Hillary and Owen Harvey
Kingston
Writer’s response:
I presume that the authors of the letters objecting to my preview piece for Hooley on the Hudson last week in Almanac Weekly are reacting to my statement that “negative stereotypes still persist in popular culture … Perhaps that’s partly why some Rondout residents and business-owners have expressed concerns about potential noise and other impacts from the Cultural Center’s arrival.”
I regret that what was intended as playful, tongue-in-cheek speculation may have been misinterpreted by some readers as a serious allegation of some sort of ill intent or bigotry on the part of Rondout neighbors who are participating in the public comment process on the proposed development. Nothing of the sort was intended.
I ask that anyone who has taken offense kindly note that I used the word “Perhaps,” which was meant as a cue that I was exercising my imagination in a humorous, even absurdist way. This article was a lighthearted peek at an upcoming community cultural event for the arts and leisure section of the newspaper, not a hard-news report on planning and zoning issues in the City of Kingston, which are not and have never been my beat. I was not aware of Irish stereotypes being any sort of issue in the actual discussion of the appropriateness of the development for this site, and certainly have no wish to discount the seriousness of whatever genuine concerns are being raised.
Frances Marion Platt
Center a good fit for Downtown
The Irish Cultural Center as currently proposed fits well into the Hudson Riverport Vision, Kingston’s aspirational plan for the creekfront in downtown Kingston. (See the map provided for the Feb. 24, 2015 public meeting at www.kingston-ny.gov/EcoDev.) The building will offer both a symbolic presence (19th century Irish-Americans did much to build Rondout) and, with its theater and educational programs, will add to the diversity of attractions downtown. But its address on Abeel Street is misleading. Only a few steps up the historic Company Hill Path, its main visibility and for many visitors its main entrance will be on the side of the waterfront park and the Rondout Creek. In considering the center’s zoning status, city agencies will, I hope, recognize this and keep in mind Kingston’s overall vision for the creekfront.

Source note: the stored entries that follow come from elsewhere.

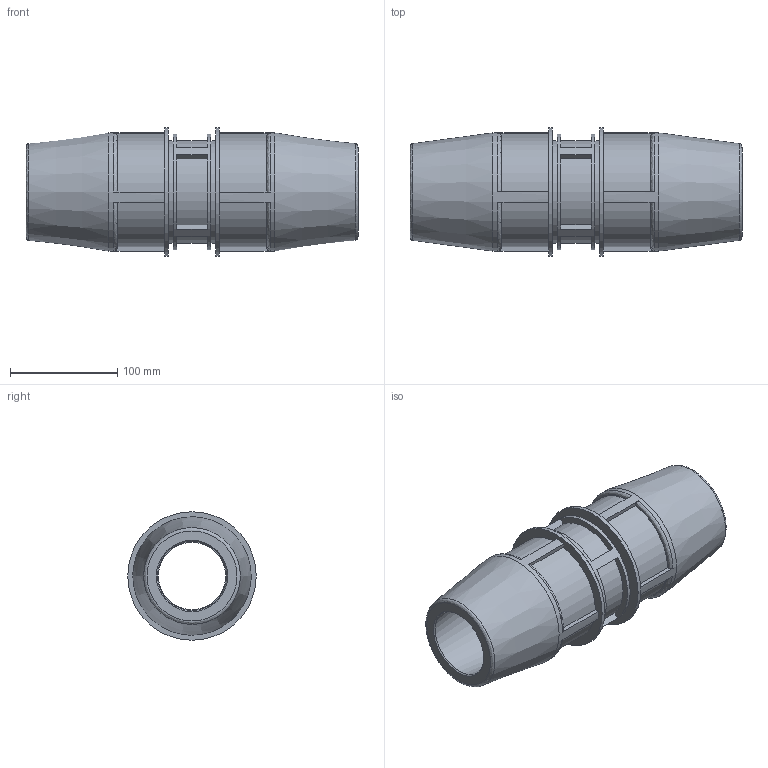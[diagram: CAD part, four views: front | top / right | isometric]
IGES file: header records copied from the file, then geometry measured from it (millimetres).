
Global section: file name: 176100060064_196100060064.ipt; native system: Autodesk Inventor 2015; preprocessor: unknown; author: KIM; date: 20180211.125802; units: millimetre
Bounding box: 310 x 120 x 120 mm (x, y, z)
Volume: 1414506.7 mm3; surface area: 202153.7 mm2
Topology: 1 solids, 1 shells, 86 faces, 221 edges, 148 vertices
Faces by surface type: plane 50, cylinder 19, revolution 15, cone 2
Full cylindrical faces by diameter (mm): 96 x2, 108 x1, 110.4 x2, 120 x2
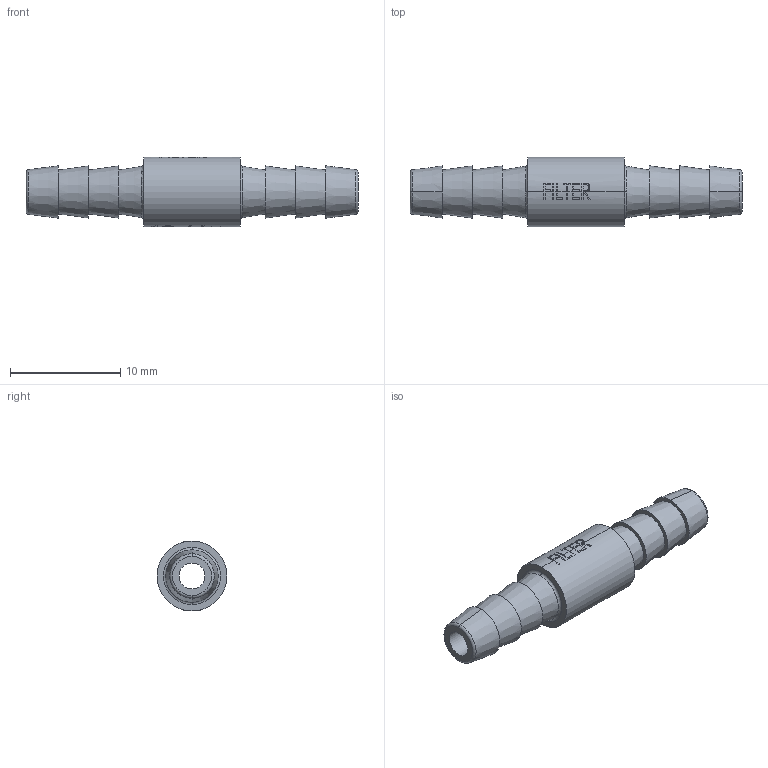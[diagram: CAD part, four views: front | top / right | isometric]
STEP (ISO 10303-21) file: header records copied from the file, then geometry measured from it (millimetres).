
FILE_DESCRIPTION(/* description */ ('SolidWorks IGES file using NURBS representation for surfaces '),/* implementation_level */ '2;1');
FILE_NAME(/* name */ 'K:\Normteile INVENTOR\Air-Logic\Filters\F-950-43-B85.IGS.ipt.stp',/* time_stamp */ '2020-05-27T10:39:44+02:00',/* author */ ('amarsh'),/* organization */ (''),/* preprocessor_version */ 'ST-DEVELOPER v18',/* originating_system */ 'Autodesk Inventor 2020',/* authorisation */ '');
FILE_SCHEMA (('AUTOMOTIVE_DESIGN { 1 0 10303 214 3 1 1 }'));
Length unit declared in the file: millimetre
Products named in the file (1): F-950-43-B85.IGS
Bounding box: 30.15 x 6.35 x 6.35 mm (x, y, z)
Volume: 468.4 mm3; surface area: 768.4 mm2
Topology: 1 solids, 1 shells, 170 faces, 482 edges, 324 vertices
Faces by surface type: plane 83, bspline 45, cylinder 24, cone 10, torus 8
Full cylindrical faces by diameter (mm): 2.36 x1
Entity records: 8826 total; most frequent: CARTESIAN_POINT 4481, ORIENTED_EDGE 964, DIRECTION 820, EDGE_CURVE 482, VERTEX_POINT 324, AXIS2_PLACEMENT_3D 296, LINE 228, VECTOR 228
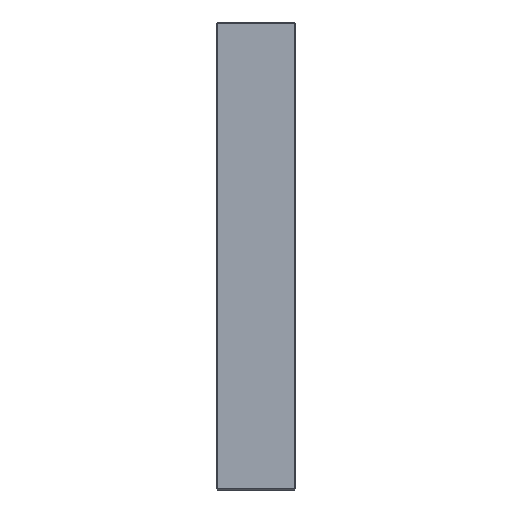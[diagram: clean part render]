
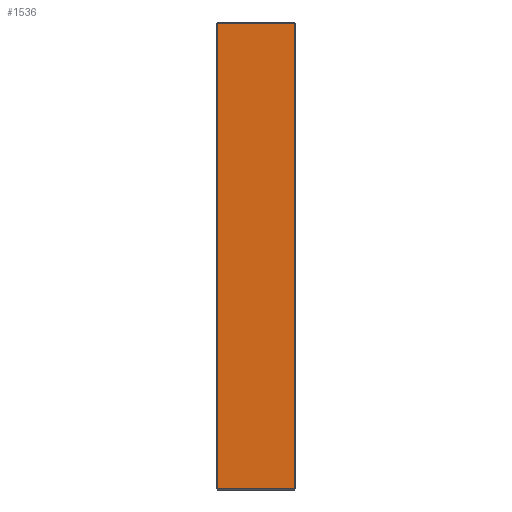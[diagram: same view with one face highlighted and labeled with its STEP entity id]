
A CAD part, left-side view. The second image highlights one B-rep face of the part: STEP entity #1536.
In plain terms, the highlighted planar face has unit normal (-1, 0, 0).
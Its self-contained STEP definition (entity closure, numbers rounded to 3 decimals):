
#7 = LINE ( 'NONE', #764, #1092 ) ;
#63 = VERTEX_POINT ( 'NONE', #1508 ) ;
#138 = ORIENTED_EDGE ( 'NONE', *, *, #430, .T. ) ;
#245 = EDGE_CURVE ( 'NONE', #1742, #63, #1735, .T. ) ;
#370 = DIRECTION ( 'NONE',  ( 0., 0., -1. ) ) ;
#410 = DIRECTION ( 'NONE',  ( 1., 0., 0. ) ) ;
#430 = EDGE_CURVE ( 'NONE', #63, #1753, #1266, .T. ) ;
#595 = CARTESIAN_POINT ( 'NONE',  ( -223., 76., 223. ) ) ;
#620 = VECTOR ( 'NONE', #1757, 1000. ) ;
#668 = VECTOR ( 'NONE', #1537, 1000. ) ;
#672 = ORIENTED_EDGE ( 'NONE', *, *, #2095, .T. ) ;
#701 = CARTESIAN_POINT ( 'NONE',  ( -223., 1., -222. ) ) ;
#764 = CARTESIAN_POINT ( 'NONE',  ( -223., 76., 222. ) ) ;
#1008 = DIRECTION ( 'NONE',  ( 0., -1., 0. ) ) ;
#1030 = CARTESIAN_POINT ( 'NONE',  ( -223., 76., -222. ) ) ;
#1092 = VECTOR ( 'NONE', #2195, 1000. ) ;
#1199 = VERTEX_POINT ( 'NONE', #1810 ) ;
#1266 = LINE ( 'NONE', #1030, #1447 ) ;
#1329 = EDGE_LOOP ( 'NONE', ( #672, #2287, #138, #2341 ) ) ;
#1335 = CARTESIAN_POINT ( 'NONE',  ( -223., 1., 223. ) ) ;
#1364 = PLANE ( 'NONE',  #1612 ) ;
#1447 = VECTOR ( 'NONE', #1008, 1000. ) ;
#1451 = FACE_OUTER_BOUND ( 'NONE', #1329, .T. ) ;
#1508 = CARTESIAN_POINT ( 'NONE',  ( -223., 75., -222. ) ) ;
#1536 = ADVANCED_FACE ( 'NONE', ( #1451 ), #1364, .F. ) ;
#1537 = DIRECTION ( 'NONE',  ( 0., 0., -1. ) ) ;
#1543 = CARTESIAN_POINT ( 'NONE',  ( -223., 75., 223. ) ) ;
#1612 = AXIS2_PLACEMENT_3D ( 'NONE', #595, #410, #370 ) ;
#1689 = CARTESIAN_POINT ( 'NONE',  ( -223., 75., 222. ) ) ;
#1735 = LINE ( 'NONE', #1543, #668 ) ;
#1742 = VERTEX_POINT ( 'NONE', #1689 ) ;
#1753 = VERTEX_POINT ( 'NONE', #701 ) ;
#1757 = DIRECTION ( 'NONE',  ( 0., 0., 1. ) ) ;
#1762 = LINE ( 'NONE', #1335, #620 ) ;
#1810 = CARTESIAN_POINT ( 'NONE',  ( -223., 1., 222. ) ) ;
#2062 = EDGE_CURVE ( 'NONE', #1753, #1199, #1762, .T. ) ;
#2095 = EDGE_CURVE ( 'NONE', #1199, #1742, #7, .T. ) ;
#2195 = DIRECTION ( 'NONE',  ( 0., 1., 0. ) ) ;
#2287 = ORIENTED_EDGE ( 'NONE', *, *, #245, .T. ) ;
#2341 = ORIENTED_EDGE ( 'NONE', *, *, #2062, .T. ) ;

As for the parking shortage downtown, it does not seem to be keeping anyone away. One can, however, see how future developers might be kept away if they are required to provide their own off-street parking based on requirements being considered for the ICC. The ICC has plans for 18 parking spaces in its first phase of development and 23 more in its second phase. Some businesses are concerned that the additional pressure on public parking will discourage people from coming downtown. Yet these are businesses that with very few exceptions do not provide off-street parking and rely entirely on public parking. One commercial building on lower Broadway provides two off-street parking spaces. Ole Savannah in the historic Cornell engine repair building has 18 parking spots for its fire law maximum of 325 occupants and clearly depends in part on the public parking lot across the street. Other than these exceptions, every downtown business and non-profit depends on public parking.
For the future, the Riverport Vision identifies other potential parking locations along the creek. One possibility would be to increase the lot under the bridge overpass to two levels. If the Irish Cultural Center is forced to scale back its plans, other developers may think much harder about being part of the Riverport Vision. Instead, let’s allow the Irish Cultural Center to share the public parking support that other downtown businesses and organizations are currently provided.